Monday, September 22, 2014

Sermon: Blame It On God

Blame it on God
A Sermon for Sunday, August 31st, 2014
By Father John R. Smith


Readings:
Lesson: Exodus 3:1-15
Psalm: Psalm 105:1-6, 23-26, 45b
Epistle: Romans 12:9-21
The Holy Gospel: Matthew 16:21-28

Last week in the Gospel Peter got the Gold Star from Jesus, his teacher.  How? In Caesarea Philippi, a royal city in Galilee named after Emperor Caesar and Philip the Tetrarch, Jesus asked Peter “Who do you say that I am?”  And in this city, where, if you asked anyone on the street, “Who is the Son of God?” they would reply, “Why, Caesar is, of course.”  That was one of Caesar’s first and greatest titles:  Caesar was the Son of God.  Peter got the Gold Star because he with full faith in the middle of a society that had a completely different opinion of who was God, he says “You are the Messiah, the Son of the living God.”

But Gold Stars can lose their stickiness and fall off pretty easily.  Following directly last week’s Gospel, after Peter’s faith-filled confession, Jesus begins to tell his disciples that he must go up to Jerusalem, be tried at the hands of men, and be put to death.  When Peter objects and protests that this cannot be allowed to happen to his Lord, after all, Jesus is supposed to be doing the punishing of the evildoers, not the other way around.  So, Jesus, in the strongest possible words, calls “Gold Star” Peter, Satan:  “Get behind me, Satan! You are a stumbling block to me; for you are setting your mind not on divine things but on human things.”

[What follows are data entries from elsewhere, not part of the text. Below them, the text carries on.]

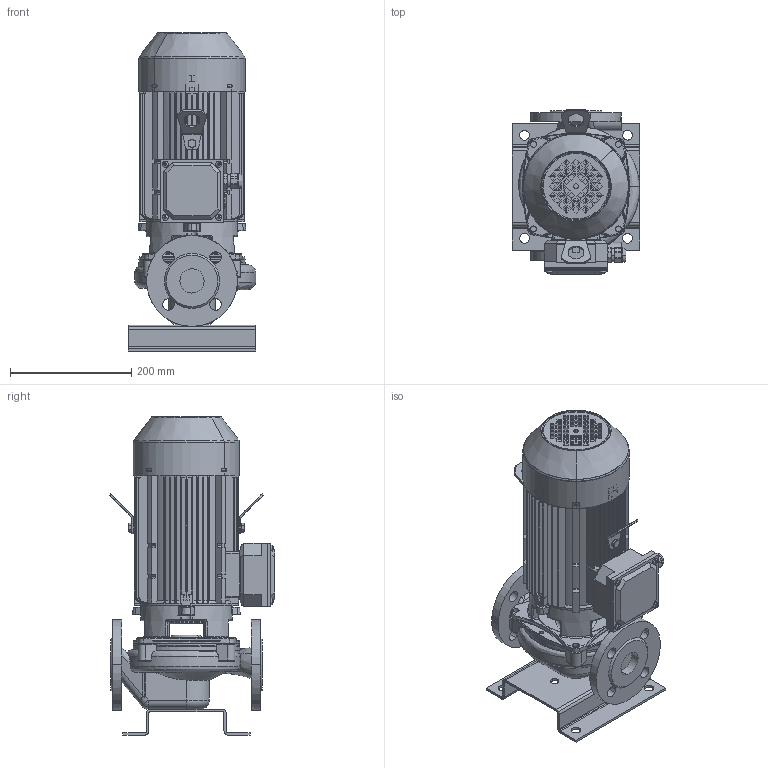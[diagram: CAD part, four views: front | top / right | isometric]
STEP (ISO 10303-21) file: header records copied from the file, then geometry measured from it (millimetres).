
FILE_DESCRIPTION(('STEP AP214'),'1');
FILE_NAME('export.stp','2018-05-29T09:06:18',(' '),(' '),'Spatial InterOp 3D',' ',' ');
FILE_SCHEMA(('AUTOMOTIVE_DESIGN { 1 0 10303 214 1 1 1 1 }'));
Length unit declared in the file: millimetre
Products named in the file (24): W_L40A2150_K90; V_TLAEAP3233L40A; V_PPL40A; 160035; 160008; V_MKP90-1_N13; 160141; 160137; 160138; 160139; 160140; Koura_Ale_M5; Plug_Blind_M20; Sealing_Plug_M20; DIN_7985-M5X8; DIN_7985-M5X12; 480037; 480036___; 480039; 480038___; 160135; 160134; DIN_EN_24017_-_M8_16-Stainless_S; V_JALKA35973
Assembly tree (28 placements, depth 4):
  W_L40A2150_K90
    V_TLAEAP3233L40A
    V_PPL40A
    V_MKP90-1_N13
      160035
        160008
      160141
        160137
        160138
        160139
        160140
        Koura_Ale_M5
        Plug_Blind_M20
        Sealing_Plug_M20
        DIN_7985-M5X8
        DIN_7985-M5X12  x4
      480037
        480036___
      480039
        480038___
      160135
      160134  x2
      DIN_EN_24017_-_M8_16-Stainless_S  x2
    V_JALKA35973
Bounding box: 210 x 272.62 x 525.51 mm (x, y, z)
Volume: 4018034.1 mm3; surface area: 1270551.7 mm2
Topology: 23 solids, 23 shells, 2666 faces, 7075 edges, 4454 vertices
Faces by surface type: plane 1080, cylinder 786, bspline 308, torus 305, cone 171, sphere 16
Entity records: 102069 total; most frequent: CARTESIAN_POINT 36421, ORIENTED_EDGE 13498, DIRECTION 12320, EDGE_CURVE 6749, AXIS2_PLACEMENT_3D 4697, VERTEX_POINT 4276, LINE 2926, VECTOR 2926

(I would like to think that James Foley, as he was kneeling there, about to be beheaded, was setting his mind on divine things, on Jesus, in whom he always believed, who gave his life and was raised from the dead.)

We have to know the purposes of God in whom we believe.

It is not divine violence or wrath that Jesus wants for us who sin, but release from the human violence of this world.  And the only way to be released from that violence is to believe in Him and follow his teaching.

Satan was behind Jesus’ eventual death, so much more so than the fearful leaders at the time.  Peter senses this.  Peter is against Satan’s plan.  You can’t blame him for objecting to Jesus’ desire to face the Cross in Jerusalem.  Peter still doesn’t understand what Jesus is about.  He doesn’t want Jesus, The Messiah, to be identified as a victim or scapegoat. This is all too close for Peter, if anyone is going to be a victim, let them be at a distance from us.  Peter wants Jesus to be a victorious God to crush the enemies of Israel, using violence if necessary.

Peter stands in the long tradition of belief which says that God will punish all evildoers (and, unfortunately, we add:  I’ll help you punish them Lord!) that even persists to this day, helped along by even the best translators of the bible.  People do bad things (We think:  I’m a sinner too, but I don’t do anything “that” bad) and God is the Punisher.  For example, in today’s reading from the Letter to the Romans where it states  “Do not repay anyone evil for evil, but take thought for what is noble in the sight of all.  If it is possible, so far as it depends on you, live peaceably with all.  Beloved, never avenge yourselves, but leave room for the wrath of God for it is written, ‘Vengeance is mine, I will repay, says the Lord.”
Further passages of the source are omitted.